(TASK INPUT)
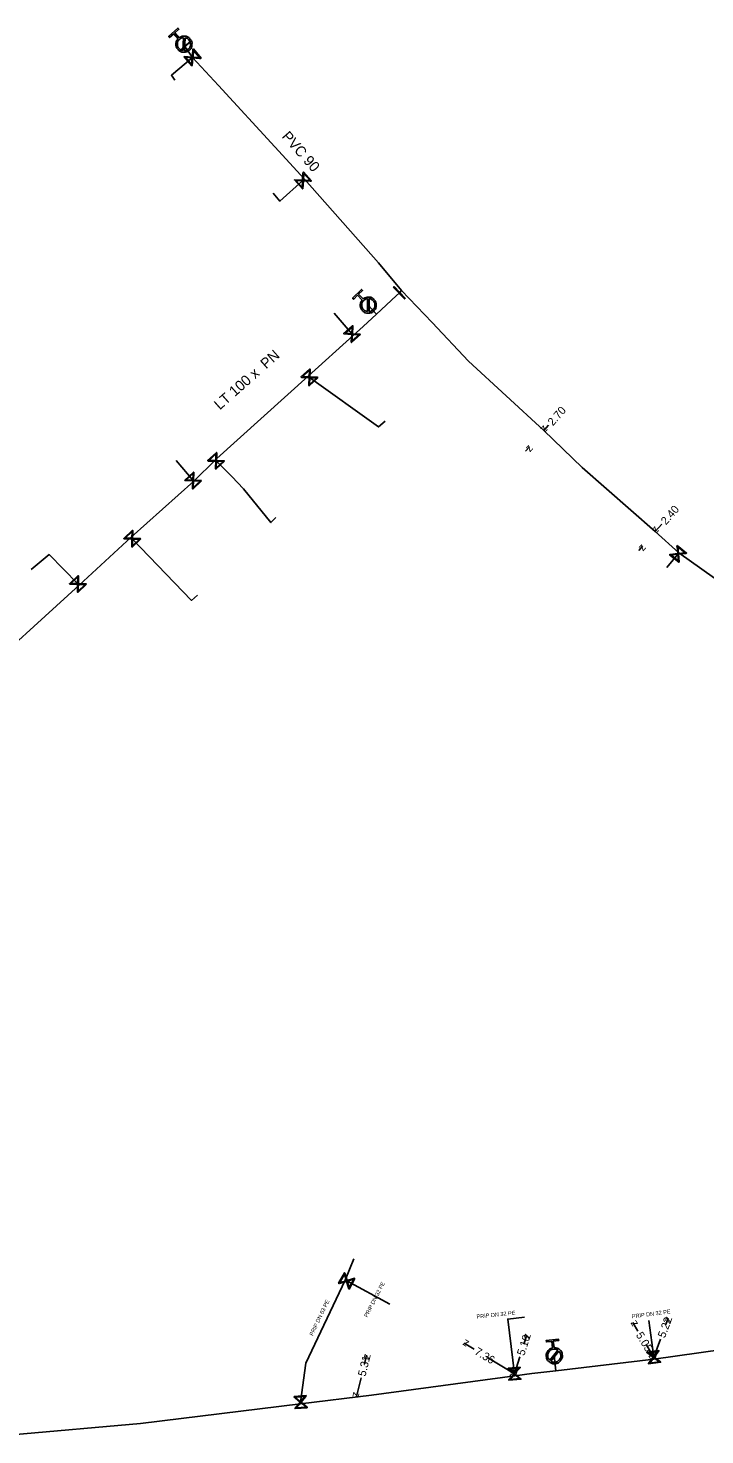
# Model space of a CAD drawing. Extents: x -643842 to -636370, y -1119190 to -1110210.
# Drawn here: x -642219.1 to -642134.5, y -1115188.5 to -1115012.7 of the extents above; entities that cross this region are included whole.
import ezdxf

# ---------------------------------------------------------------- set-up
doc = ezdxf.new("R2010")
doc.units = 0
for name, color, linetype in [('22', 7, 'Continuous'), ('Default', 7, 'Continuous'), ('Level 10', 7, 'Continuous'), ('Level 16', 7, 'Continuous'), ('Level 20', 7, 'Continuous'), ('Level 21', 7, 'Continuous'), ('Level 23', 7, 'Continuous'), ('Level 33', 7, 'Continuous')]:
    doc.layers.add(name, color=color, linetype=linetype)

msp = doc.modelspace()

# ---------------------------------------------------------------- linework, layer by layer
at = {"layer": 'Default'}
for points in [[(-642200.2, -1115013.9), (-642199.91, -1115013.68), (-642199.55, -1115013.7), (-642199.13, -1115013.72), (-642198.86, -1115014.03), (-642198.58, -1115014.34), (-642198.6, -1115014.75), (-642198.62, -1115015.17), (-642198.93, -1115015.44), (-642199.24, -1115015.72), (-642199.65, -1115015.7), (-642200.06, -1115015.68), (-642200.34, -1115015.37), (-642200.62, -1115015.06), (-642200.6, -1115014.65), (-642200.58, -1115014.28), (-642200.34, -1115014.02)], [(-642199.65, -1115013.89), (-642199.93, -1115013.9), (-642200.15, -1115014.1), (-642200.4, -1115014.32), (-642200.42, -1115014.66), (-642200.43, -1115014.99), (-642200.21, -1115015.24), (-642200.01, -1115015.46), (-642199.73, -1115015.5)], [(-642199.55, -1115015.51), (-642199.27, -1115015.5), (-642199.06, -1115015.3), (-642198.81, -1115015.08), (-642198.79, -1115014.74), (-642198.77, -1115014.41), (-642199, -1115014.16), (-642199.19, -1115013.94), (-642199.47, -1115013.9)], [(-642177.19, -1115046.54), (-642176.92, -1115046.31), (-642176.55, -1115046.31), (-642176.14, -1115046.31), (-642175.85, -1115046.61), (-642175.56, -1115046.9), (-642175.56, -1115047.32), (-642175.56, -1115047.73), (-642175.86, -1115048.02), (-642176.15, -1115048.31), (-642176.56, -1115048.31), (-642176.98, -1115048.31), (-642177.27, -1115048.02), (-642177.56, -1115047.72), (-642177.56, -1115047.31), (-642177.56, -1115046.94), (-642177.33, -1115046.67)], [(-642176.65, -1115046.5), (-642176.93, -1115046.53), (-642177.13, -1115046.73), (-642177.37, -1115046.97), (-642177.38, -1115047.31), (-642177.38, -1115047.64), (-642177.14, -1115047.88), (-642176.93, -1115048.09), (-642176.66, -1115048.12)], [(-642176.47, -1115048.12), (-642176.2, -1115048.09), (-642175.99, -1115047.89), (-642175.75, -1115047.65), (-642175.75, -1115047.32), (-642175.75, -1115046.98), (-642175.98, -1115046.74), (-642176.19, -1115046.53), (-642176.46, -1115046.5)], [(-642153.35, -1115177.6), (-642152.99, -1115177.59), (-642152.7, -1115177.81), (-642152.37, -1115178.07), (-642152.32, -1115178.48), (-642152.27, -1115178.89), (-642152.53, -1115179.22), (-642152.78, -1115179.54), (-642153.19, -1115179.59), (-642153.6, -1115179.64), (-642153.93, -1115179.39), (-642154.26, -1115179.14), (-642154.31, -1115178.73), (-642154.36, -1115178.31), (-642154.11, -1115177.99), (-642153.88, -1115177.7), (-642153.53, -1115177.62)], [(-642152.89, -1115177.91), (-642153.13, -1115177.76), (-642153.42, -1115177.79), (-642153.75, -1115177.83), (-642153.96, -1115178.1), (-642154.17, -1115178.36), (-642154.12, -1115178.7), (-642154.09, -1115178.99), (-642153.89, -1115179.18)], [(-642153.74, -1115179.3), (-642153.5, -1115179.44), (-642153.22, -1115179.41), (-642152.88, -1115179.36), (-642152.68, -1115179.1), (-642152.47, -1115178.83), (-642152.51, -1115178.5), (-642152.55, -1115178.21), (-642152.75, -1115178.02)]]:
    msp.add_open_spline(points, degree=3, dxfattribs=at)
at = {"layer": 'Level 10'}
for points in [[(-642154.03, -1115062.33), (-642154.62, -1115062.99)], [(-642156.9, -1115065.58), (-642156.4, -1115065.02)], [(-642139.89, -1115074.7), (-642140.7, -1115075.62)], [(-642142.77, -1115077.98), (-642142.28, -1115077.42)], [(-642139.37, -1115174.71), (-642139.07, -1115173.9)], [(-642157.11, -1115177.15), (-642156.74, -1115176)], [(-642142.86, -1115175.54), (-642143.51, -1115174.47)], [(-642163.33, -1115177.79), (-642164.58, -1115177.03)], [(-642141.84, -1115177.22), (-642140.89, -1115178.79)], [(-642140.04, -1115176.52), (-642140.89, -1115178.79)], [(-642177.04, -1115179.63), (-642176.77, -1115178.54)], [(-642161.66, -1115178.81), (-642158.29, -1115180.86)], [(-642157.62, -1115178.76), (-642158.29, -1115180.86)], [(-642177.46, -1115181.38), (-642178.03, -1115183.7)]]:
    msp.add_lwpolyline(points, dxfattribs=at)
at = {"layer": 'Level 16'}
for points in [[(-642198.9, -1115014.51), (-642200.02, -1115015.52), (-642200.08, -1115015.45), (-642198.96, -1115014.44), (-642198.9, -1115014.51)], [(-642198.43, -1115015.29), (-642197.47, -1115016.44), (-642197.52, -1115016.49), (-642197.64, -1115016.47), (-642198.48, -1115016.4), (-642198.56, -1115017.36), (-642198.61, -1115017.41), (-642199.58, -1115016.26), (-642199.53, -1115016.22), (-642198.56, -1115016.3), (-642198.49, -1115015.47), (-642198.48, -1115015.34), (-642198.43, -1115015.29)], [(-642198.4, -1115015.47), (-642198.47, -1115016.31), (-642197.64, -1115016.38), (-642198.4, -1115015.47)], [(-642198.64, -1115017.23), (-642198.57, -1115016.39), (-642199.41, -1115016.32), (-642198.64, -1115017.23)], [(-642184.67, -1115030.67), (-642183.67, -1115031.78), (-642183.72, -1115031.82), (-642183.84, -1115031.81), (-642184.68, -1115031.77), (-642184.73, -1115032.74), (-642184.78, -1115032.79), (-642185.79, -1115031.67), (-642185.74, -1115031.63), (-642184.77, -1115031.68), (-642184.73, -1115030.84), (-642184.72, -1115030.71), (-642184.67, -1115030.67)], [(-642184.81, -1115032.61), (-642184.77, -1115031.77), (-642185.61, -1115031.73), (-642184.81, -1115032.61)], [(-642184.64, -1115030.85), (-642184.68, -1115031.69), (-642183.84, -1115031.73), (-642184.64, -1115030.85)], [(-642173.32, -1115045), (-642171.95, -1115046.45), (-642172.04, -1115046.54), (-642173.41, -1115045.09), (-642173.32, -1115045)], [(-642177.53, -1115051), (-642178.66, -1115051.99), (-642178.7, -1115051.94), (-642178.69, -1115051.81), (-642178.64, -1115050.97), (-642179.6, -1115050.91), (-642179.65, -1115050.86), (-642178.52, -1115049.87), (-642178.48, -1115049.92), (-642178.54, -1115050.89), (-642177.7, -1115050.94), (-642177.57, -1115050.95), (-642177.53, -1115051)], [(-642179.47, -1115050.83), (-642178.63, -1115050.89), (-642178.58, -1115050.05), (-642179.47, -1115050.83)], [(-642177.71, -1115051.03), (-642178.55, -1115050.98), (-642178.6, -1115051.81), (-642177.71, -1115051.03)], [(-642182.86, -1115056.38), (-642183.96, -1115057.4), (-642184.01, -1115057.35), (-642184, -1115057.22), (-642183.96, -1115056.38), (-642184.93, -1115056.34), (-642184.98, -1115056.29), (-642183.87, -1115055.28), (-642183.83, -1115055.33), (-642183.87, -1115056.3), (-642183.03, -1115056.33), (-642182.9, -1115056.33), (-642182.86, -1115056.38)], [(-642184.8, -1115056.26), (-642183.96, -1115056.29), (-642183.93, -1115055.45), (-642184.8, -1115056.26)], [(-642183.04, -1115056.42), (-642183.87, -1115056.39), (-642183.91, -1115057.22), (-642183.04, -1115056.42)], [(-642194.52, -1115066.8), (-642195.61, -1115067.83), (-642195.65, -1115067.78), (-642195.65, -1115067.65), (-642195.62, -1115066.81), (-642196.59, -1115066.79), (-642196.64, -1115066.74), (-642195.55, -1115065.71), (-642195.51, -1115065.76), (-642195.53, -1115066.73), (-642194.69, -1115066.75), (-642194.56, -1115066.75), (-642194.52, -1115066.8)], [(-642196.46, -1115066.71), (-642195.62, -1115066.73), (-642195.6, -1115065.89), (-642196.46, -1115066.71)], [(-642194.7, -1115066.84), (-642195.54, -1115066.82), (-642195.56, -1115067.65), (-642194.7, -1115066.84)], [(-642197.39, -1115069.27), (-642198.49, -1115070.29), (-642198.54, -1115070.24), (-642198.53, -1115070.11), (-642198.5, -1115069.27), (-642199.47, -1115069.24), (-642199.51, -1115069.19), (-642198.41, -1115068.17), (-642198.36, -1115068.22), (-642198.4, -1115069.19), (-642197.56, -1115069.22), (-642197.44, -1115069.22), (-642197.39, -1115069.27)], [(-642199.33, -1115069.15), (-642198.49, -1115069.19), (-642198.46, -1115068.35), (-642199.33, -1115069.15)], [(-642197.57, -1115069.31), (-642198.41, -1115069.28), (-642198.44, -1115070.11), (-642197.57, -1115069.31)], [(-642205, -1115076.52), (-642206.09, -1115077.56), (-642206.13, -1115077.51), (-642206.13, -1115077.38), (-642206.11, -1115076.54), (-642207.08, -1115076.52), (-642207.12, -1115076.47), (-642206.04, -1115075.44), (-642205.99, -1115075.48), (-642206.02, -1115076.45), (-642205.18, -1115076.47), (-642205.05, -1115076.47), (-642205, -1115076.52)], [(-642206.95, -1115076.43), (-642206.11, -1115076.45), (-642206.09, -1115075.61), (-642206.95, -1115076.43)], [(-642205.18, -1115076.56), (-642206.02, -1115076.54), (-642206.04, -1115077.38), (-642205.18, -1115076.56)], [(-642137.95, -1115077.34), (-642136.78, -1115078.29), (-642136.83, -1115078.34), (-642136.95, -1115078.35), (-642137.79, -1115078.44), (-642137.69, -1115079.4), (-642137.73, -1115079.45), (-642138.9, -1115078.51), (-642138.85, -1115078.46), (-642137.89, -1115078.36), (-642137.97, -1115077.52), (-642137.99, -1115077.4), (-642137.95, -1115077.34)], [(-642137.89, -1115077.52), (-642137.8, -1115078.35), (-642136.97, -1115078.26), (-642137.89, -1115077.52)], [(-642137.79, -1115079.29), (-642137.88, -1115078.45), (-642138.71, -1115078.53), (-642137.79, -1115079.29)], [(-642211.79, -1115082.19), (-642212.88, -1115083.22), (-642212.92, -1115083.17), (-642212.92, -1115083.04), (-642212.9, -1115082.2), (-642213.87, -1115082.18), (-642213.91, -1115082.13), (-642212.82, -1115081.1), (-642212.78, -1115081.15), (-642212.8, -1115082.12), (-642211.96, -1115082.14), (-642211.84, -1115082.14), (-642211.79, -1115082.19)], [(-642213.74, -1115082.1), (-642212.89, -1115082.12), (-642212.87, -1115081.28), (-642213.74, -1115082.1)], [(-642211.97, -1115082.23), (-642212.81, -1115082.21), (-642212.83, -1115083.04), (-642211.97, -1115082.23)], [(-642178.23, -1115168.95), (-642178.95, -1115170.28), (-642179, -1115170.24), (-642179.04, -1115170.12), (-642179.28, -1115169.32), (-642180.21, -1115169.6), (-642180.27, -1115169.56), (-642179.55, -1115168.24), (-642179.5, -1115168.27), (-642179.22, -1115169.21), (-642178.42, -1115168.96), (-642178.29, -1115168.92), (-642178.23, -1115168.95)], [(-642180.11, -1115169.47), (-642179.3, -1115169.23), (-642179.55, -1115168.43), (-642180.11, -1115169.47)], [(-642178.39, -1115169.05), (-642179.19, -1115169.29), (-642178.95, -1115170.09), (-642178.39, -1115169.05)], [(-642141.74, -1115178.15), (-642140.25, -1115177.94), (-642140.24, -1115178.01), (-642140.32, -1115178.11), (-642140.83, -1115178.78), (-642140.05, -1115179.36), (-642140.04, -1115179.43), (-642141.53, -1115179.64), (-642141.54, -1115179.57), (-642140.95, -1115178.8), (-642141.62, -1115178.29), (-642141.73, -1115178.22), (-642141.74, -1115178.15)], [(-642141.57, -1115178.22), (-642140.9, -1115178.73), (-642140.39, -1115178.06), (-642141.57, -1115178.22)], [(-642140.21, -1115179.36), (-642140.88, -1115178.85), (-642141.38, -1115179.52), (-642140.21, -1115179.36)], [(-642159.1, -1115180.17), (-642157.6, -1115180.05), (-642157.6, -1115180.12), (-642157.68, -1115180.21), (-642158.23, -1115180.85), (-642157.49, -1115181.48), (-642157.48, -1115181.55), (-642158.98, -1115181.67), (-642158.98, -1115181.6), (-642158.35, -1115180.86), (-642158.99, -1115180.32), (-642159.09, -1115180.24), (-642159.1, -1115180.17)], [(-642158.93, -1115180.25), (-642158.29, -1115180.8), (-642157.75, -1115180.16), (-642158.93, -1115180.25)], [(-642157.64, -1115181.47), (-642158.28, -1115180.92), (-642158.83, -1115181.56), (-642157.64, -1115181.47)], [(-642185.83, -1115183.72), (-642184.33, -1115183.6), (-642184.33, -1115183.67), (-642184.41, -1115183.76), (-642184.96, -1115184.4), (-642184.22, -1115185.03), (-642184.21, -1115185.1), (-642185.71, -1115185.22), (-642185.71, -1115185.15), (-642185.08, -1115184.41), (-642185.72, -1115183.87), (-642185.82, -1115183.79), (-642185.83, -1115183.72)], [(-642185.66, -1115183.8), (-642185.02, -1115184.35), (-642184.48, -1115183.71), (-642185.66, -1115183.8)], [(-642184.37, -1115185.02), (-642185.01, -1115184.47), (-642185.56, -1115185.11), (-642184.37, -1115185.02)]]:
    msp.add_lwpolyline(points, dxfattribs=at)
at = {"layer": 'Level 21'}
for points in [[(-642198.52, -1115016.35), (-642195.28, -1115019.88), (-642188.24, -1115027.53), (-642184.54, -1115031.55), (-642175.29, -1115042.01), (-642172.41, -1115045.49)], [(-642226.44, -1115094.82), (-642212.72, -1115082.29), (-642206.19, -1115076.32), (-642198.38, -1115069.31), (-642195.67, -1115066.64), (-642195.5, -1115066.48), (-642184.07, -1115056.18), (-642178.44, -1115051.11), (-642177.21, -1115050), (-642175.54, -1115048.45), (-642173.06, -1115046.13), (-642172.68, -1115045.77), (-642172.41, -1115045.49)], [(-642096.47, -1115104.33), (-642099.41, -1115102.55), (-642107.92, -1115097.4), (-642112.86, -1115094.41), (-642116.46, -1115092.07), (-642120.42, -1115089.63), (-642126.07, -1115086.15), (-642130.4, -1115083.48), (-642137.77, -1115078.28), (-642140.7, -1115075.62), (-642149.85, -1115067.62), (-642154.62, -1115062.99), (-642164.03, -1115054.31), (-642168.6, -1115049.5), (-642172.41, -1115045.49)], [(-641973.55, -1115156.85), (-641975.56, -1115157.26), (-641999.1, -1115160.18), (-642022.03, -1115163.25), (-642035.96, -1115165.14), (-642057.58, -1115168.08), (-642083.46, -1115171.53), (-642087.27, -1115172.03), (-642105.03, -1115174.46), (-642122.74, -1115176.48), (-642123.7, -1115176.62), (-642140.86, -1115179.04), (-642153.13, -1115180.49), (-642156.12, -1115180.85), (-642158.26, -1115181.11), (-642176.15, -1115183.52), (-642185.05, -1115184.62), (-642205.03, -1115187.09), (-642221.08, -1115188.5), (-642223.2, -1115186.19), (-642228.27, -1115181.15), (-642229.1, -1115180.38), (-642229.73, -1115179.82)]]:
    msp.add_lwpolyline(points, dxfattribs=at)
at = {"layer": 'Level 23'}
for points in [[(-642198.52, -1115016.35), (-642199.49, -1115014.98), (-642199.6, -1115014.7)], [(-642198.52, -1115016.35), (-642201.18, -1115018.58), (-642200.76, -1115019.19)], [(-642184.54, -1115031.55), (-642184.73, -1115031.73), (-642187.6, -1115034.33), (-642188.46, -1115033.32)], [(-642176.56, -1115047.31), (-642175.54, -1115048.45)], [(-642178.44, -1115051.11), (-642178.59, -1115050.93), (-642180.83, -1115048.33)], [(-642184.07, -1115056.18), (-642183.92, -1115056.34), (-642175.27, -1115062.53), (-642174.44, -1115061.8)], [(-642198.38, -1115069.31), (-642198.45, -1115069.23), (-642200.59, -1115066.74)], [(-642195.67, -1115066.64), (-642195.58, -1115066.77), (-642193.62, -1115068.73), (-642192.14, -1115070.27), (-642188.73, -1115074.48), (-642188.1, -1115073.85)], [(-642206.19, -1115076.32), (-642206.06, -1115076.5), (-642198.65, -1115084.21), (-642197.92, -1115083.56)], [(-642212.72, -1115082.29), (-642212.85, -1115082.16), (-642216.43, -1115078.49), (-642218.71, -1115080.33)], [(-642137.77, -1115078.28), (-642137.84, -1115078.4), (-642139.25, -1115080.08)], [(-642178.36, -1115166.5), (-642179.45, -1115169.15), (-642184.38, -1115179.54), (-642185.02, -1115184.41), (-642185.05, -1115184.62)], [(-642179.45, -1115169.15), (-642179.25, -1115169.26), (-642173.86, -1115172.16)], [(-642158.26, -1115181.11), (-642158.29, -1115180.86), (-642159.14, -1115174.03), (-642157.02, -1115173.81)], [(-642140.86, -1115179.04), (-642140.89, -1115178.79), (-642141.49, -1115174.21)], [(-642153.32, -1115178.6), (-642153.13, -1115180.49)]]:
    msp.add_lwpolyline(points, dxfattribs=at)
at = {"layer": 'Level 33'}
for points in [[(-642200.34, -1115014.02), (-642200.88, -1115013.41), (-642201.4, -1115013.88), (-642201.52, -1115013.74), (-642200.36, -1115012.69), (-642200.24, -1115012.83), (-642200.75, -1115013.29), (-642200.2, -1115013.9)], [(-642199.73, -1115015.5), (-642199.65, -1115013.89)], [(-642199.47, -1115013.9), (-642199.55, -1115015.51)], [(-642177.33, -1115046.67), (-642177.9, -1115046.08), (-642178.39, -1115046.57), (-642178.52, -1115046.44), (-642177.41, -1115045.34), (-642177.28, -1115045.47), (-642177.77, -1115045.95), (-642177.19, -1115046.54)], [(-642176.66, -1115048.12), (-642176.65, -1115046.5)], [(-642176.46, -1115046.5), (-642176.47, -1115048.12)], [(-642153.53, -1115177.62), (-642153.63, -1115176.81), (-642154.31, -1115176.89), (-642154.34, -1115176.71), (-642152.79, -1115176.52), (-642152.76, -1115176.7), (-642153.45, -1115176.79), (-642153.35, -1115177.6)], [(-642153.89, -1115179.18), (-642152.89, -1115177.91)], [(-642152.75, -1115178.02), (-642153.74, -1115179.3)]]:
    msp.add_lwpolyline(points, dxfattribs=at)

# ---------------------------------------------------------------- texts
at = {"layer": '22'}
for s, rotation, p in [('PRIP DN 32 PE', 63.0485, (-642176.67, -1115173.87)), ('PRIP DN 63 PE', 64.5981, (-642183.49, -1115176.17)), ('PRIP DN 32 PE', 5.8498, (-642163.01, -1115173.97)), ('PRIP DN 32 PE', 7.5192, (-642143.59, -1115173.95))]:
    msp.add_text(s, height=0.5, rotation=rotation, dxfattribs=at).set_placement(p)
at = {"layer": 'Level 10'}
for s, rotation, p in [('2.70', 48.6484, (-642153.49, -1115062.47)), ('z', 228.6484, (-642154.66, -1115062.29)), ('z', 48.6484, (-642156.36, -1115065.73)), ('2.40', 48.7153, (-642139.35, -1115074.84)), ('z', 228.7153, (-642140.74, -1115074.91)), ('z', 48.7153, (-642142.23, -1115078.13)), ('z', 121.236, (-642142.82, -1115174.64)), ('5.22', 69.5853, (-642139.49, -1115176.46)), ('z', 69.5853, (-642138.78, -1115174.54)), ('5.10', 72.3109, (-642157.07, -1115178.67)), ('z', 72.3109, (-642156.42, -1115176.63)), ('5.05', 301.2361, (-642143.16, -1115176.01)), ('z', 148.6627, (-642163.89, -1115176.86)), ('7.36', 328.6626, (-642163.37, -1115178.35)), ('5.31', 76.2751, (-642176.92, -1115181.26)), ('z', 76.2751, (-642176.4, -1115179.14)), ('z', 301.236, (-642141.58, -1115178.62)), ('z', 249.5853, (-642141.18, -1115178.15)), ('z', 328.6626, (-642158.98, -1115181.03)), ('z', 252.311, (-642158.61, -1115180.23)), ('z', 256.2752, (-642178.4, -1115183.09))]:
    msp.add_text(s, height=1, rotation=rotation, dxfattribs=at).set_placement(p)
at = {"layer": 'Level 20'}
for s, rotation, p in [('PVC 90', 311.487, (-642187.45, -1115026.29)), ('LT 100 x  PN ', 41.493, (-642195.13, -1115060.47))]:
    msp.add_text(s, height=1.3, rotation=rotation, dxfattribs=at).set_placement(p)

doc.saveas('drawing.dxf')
(End TASK INPUT)
## ASSIGNED TASK
Each line in the data that holds the string "Default" must be returned.

## SOLUTION BELOW
for name, color, linetype in [('22', 7, 'Continuous'), ('Default', 7, 'Continuous'), ('Level 10', 7, 'Continuous'), ('Level 16', 7, 'Continuous'), ('Level 20', 7, 'Continuous'), ('Level 21', 7, 'Continuous'), ('Level 23', 7, 'Continuous'), ('Level 33', 7, 'Continuous')]:
at = {"layer": 'Default'}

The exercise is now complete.